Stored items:
•••••
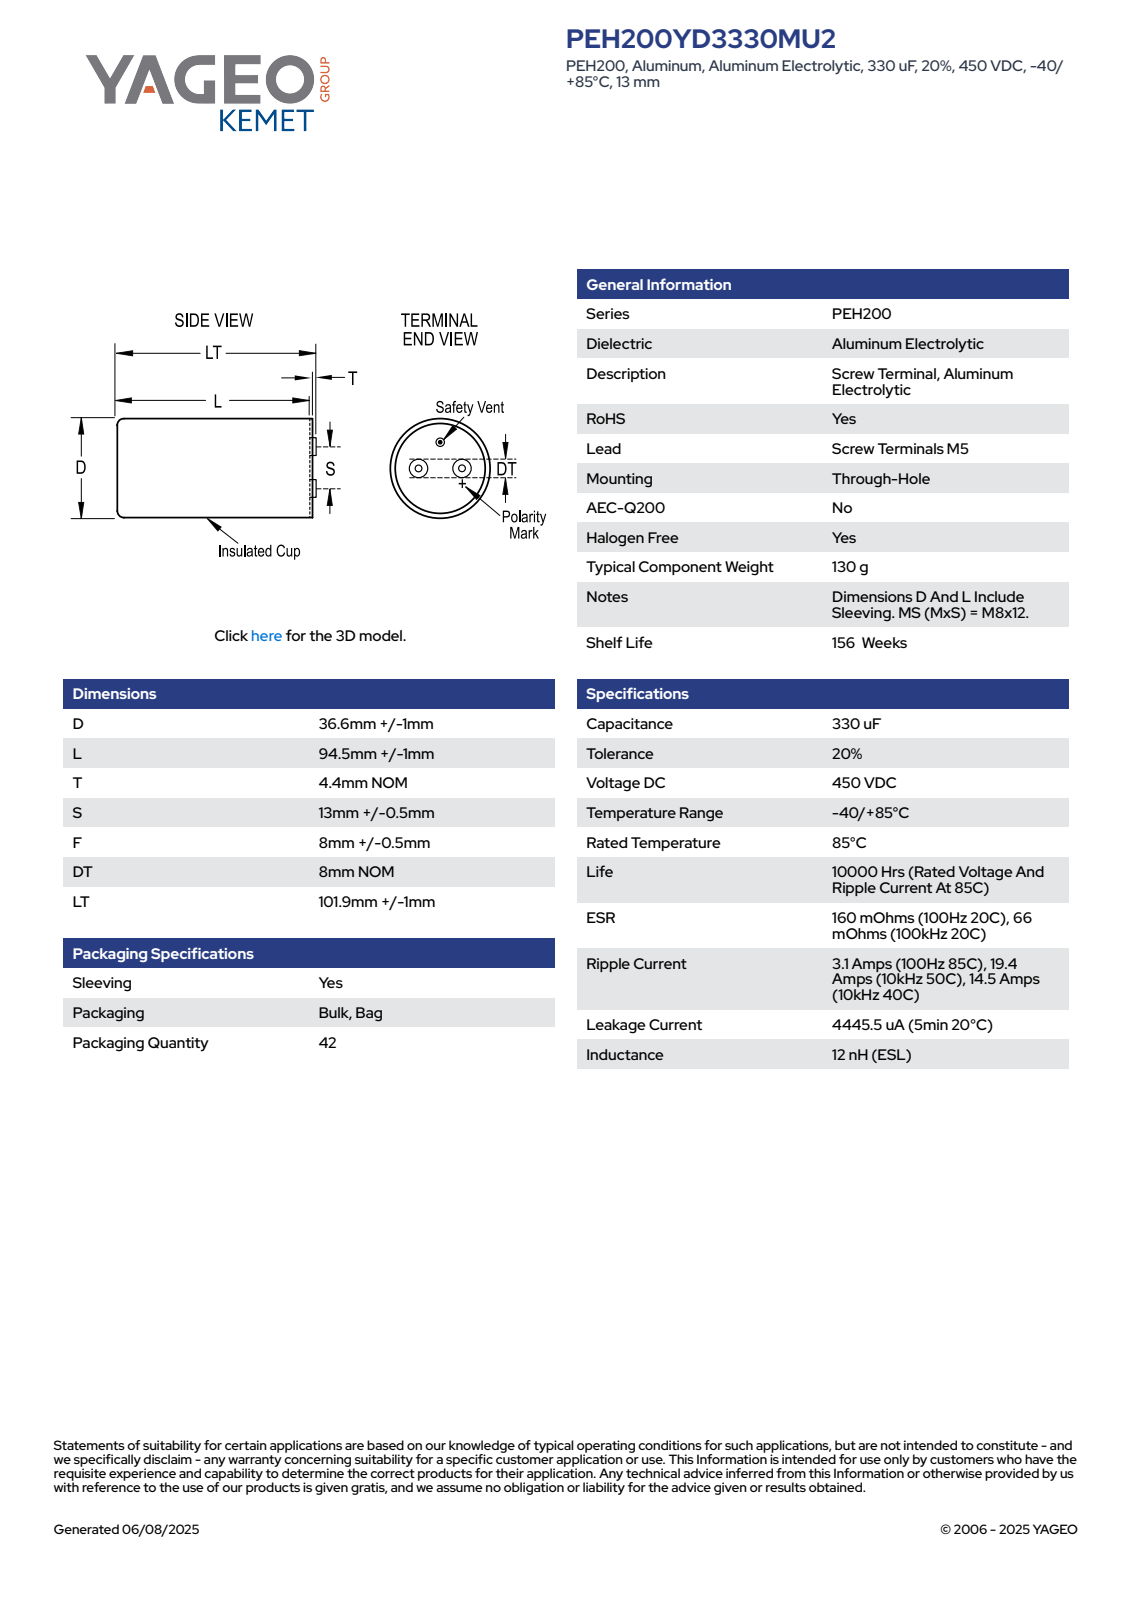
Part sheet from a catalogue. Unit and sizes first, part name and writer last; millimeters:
Units: millimetres
Overall size (bounding box): 102.9 × 37.6 × 37.6
Round holes (diameter × count): ⌀5 ×2, ⌀35.6 ×1
Round bosses / shafts (diameter × count): ⌀8 ×2, ⌀37.6 ×1
Partial cylindrical surfaces — rounded edges, fillets, slot ends (radius × count): R18.79 ×1
Main face-to-face distances: 95.5, 3, 98.5, 4.4, 7.4, 102.9, 17.51, 13.11, 10.11, 85.39
Hole centre spacings: 6.5, 13
Volume: 106 450 mm³ · Surface area: 14 711 mm²
Bodies: 3 solids, 77 faces (30 planar, 15 cylindrical, 32 other)
Part name (STEP PRODUCT): CARC_D37.6L95.5S13T4.4; Round_Terminal; Can_Round_4
STEP written by: SolidWorks 2014 (AUTOMOTIVE_DESIGN)
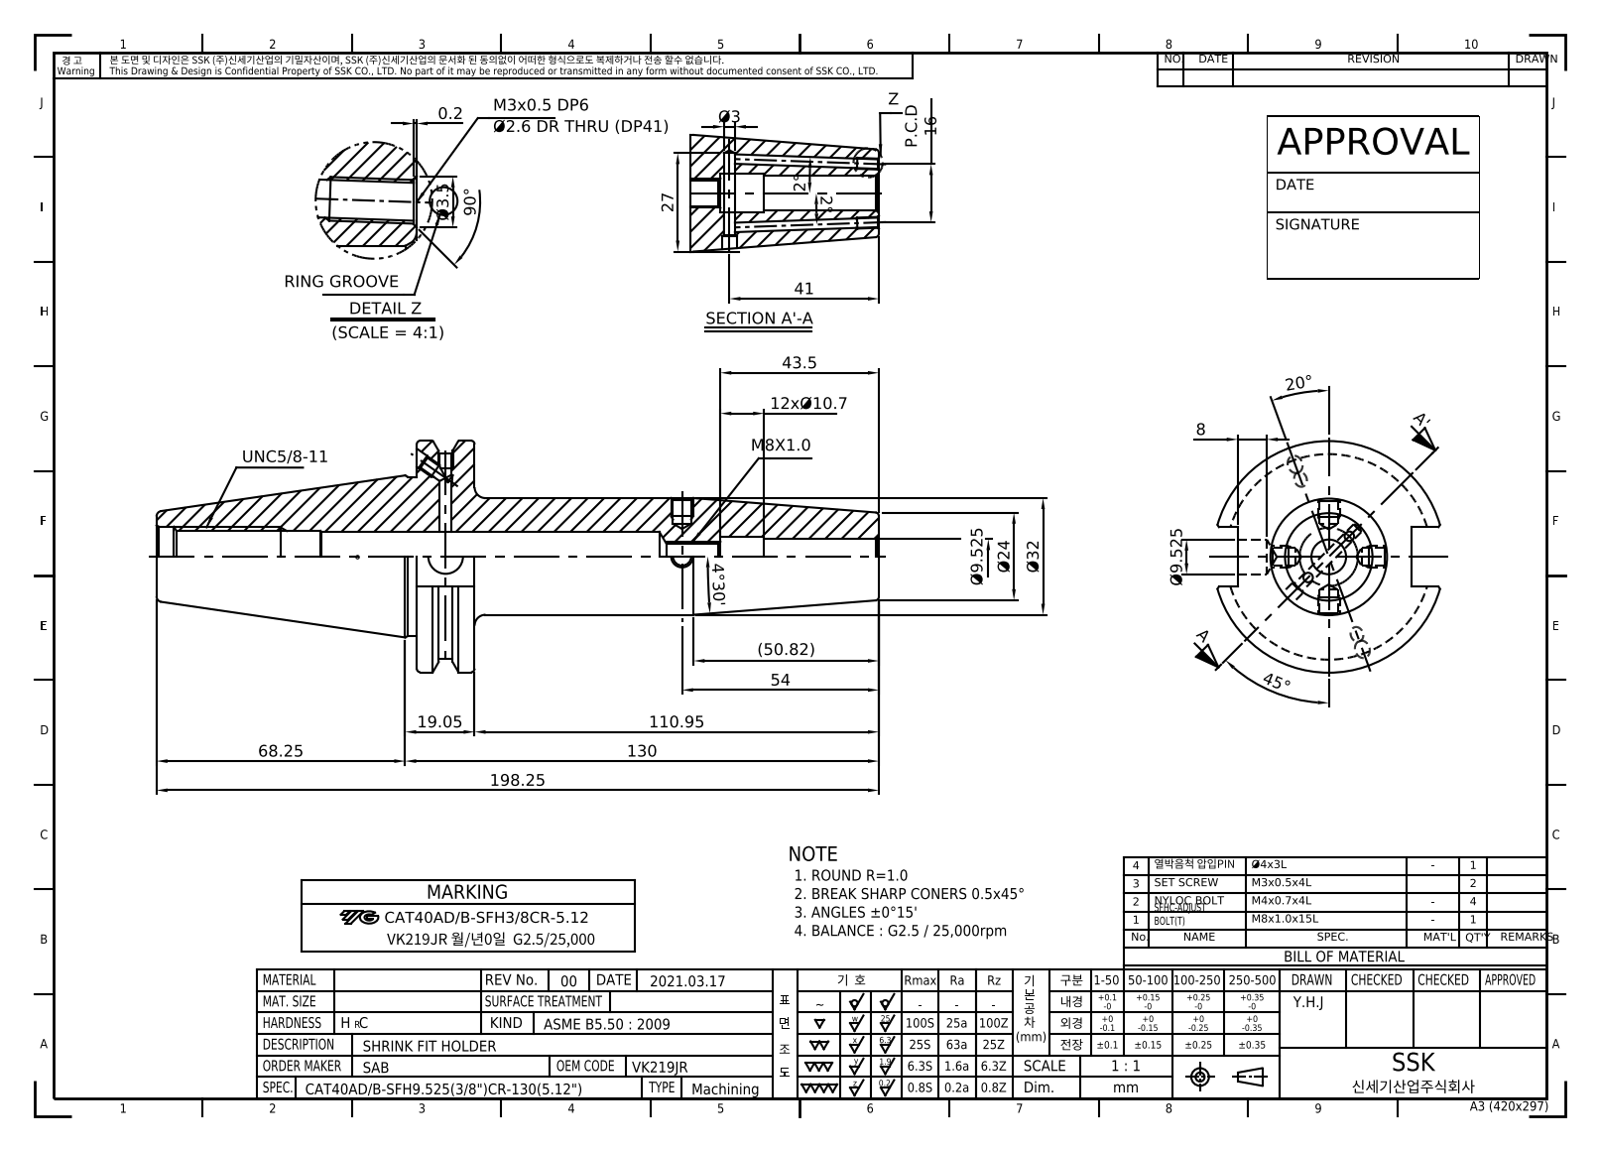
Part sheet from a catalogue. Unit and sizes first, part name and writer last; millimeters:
Units: millimetres
Overall size (bounding box): 198.25 × 63.5 × 61.09
Round holes (diameter × count): ⌀3.24 ×4, ⌀2.46 ×2, ⌀4 ×2, ⌀4.2 ×2, ⌀9.53 ×2, ⌀6.92 ×1, ⌀10.7 ×1, ⌀13 ×1, ⌀13.39 ×1, ⌀16.3 ×1
Round bosses / shafts (diameter × count): ⌀63.5 ×1, ⌀43.6 ×1, ⌀32 ×1
Partial cylindrical surfaces — rounded edges, fillets, slot ends (radius × count): R28.15 ×1
Main face-to-face distances: 15.88, 126.83, 110.95, 47.6, 16.38, 71.42, 87.3, 198.25, 77.47, 6.05
Volume: 169 672 mm³ · Surface area: 35 283 mm²
Bodies: 1 solid, 91 faces (37 planar, 31 cylindrical, 23 other)
Part name (STEP PRODUCT): LO-CAT40ADB-SFH9.525CR-130
STEP written by: Autodesk Inventor 2022 (AUTOMOTIVE_DESIGN)
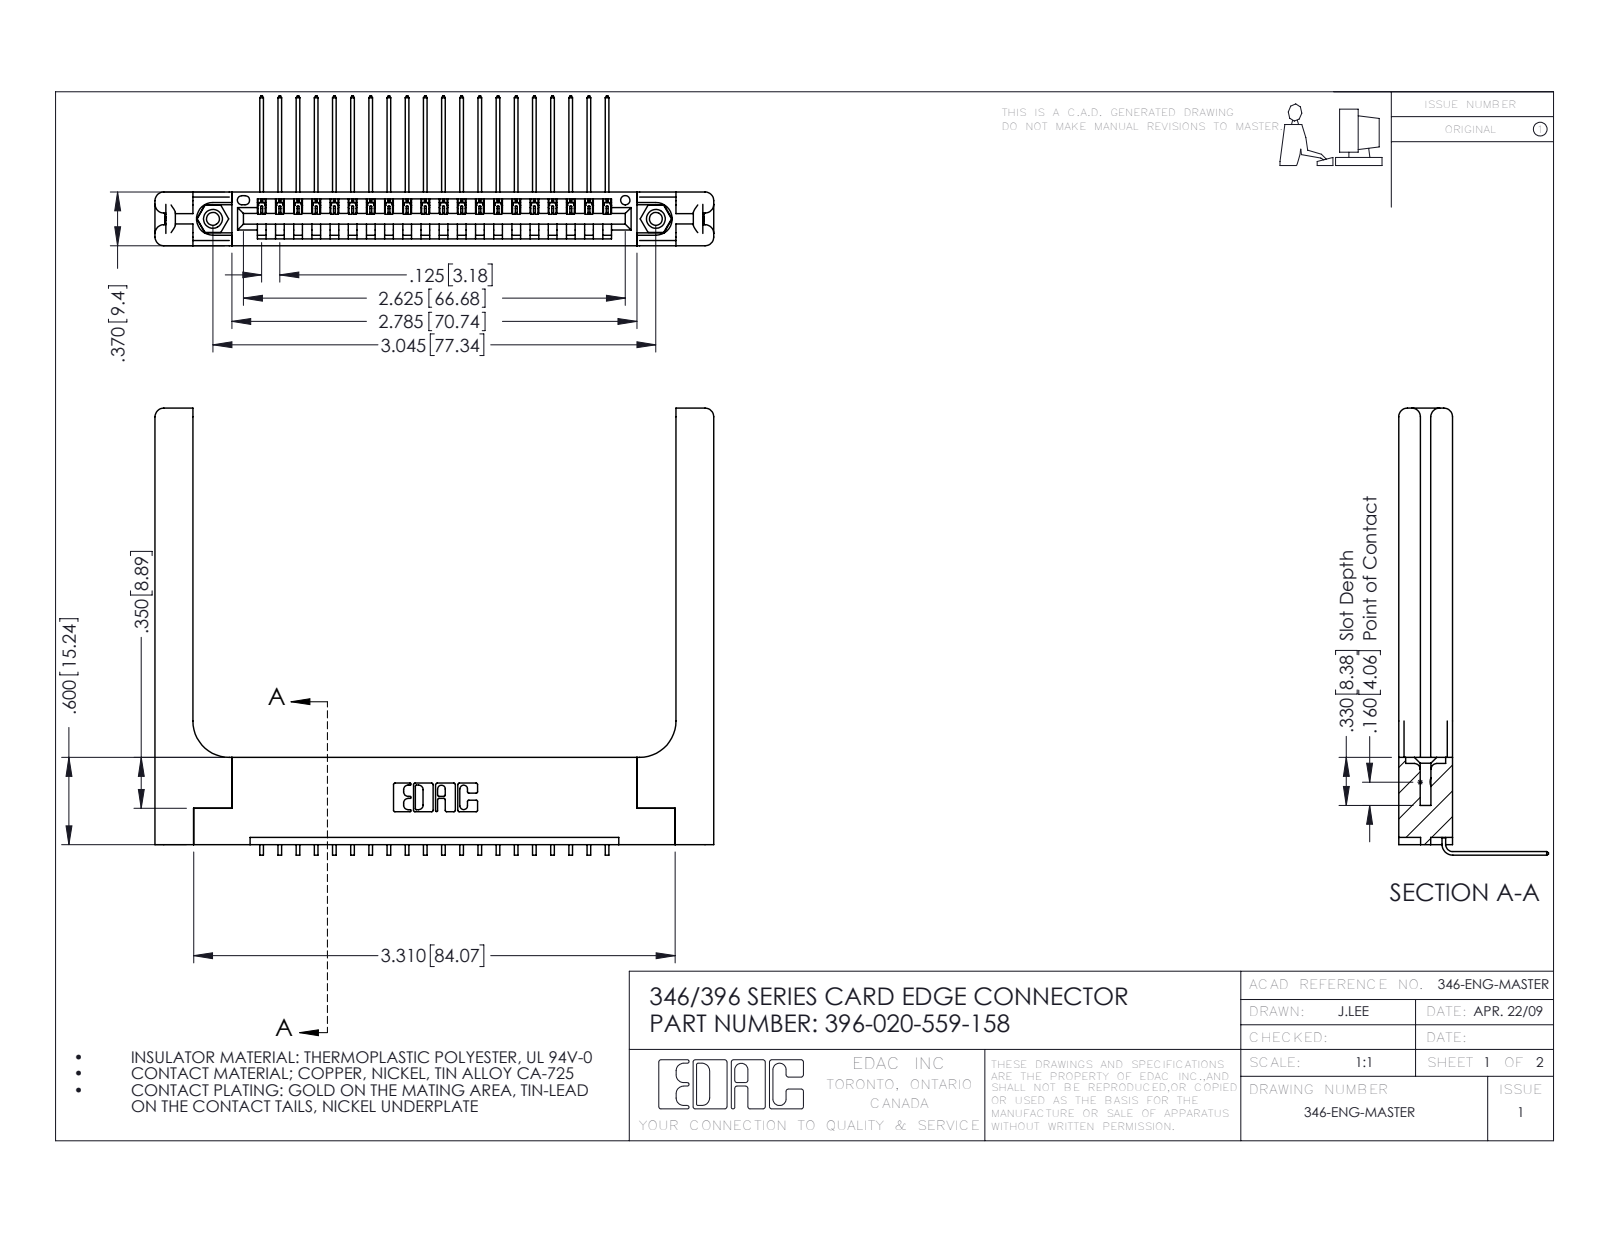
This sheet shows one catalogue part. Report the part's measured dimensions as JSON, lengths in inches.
{"part_name": "346-220-058_345-220-058; 345-250-001_345-250-001-102; 346 Part_Flush Mounting Lugs - 0.156 Dia-TH; 396-020-559-158 (+1 more)", "step_written_by": "SolidWorks 2016 (CONFIG_CONTROL_DESIGN)", "units": "inches", "bodies": {"solids": 25, "faces": 1578, "planar": 1064, "cylindrical": 454, "other": 60}, "overall_size": [3.841, 3.073, 1.03], "volume_in3": 1.024, "surface_area_in2": 26.19, "round_holes": [[0.089, 2], [0.125, 2], [0.156, 2], [0.064, 1]], "round_bosses_or_shafts": [[0.155, 2]], "partial_cylinders_radius": [[0.006, 40], [0.01, 22], [0.06, 16], [0.007, 6], [0.031, 6], [0.026, 3], [0.03, 2], [0.031, 2]], "face_to_face_distances": [0.37, 0.072, 0.048, 0.322, 0.15, 0.148, 0.25, 0.025, 0.298, 0.102], "hole_center_spacings": [0.246, 2.837, 3.045]}
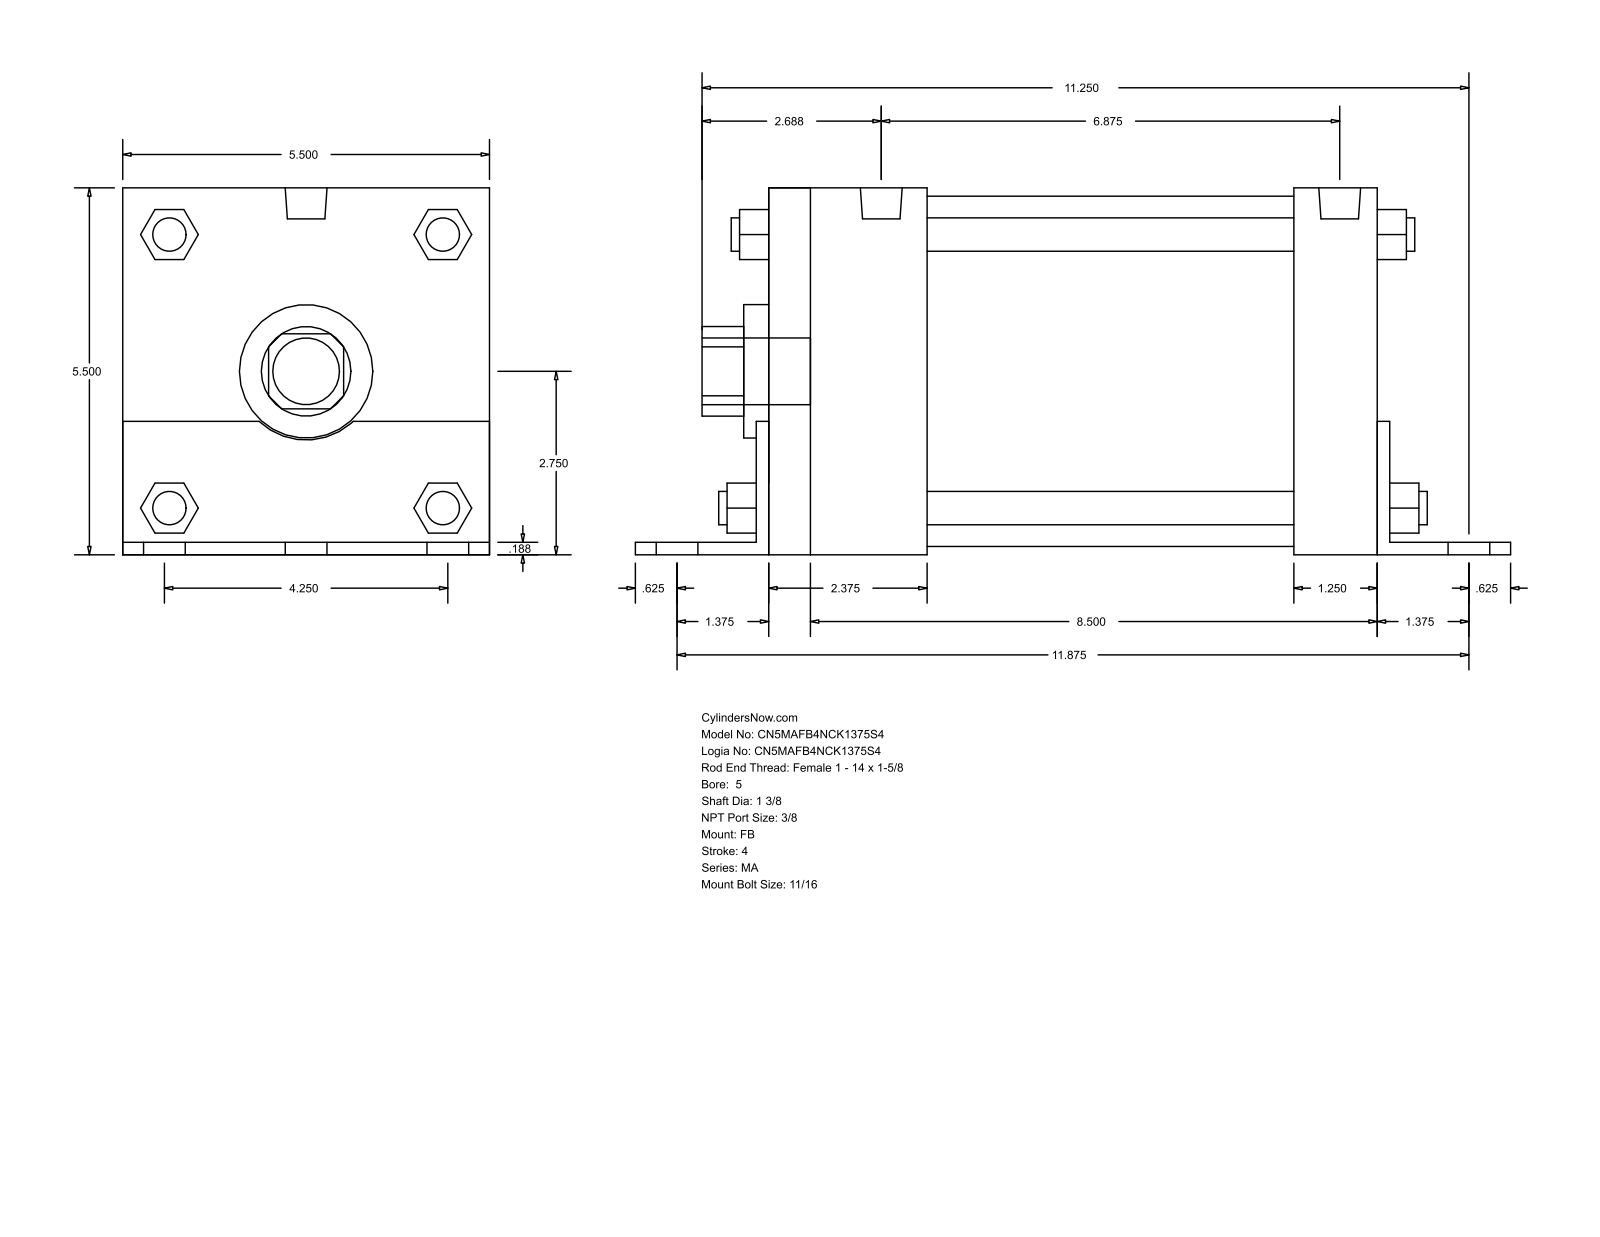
•••••
» **WHAT YOU HAVE TO DO**:
In the records above, which lines hold the string "bounding"? Copy each one.

» **WRITTEN RESPONSE**:
Overall size (bounding box): 102.9 × 37.6 × 37.6
Overall size (bounding box): 198.25 × 63.5 × 61.09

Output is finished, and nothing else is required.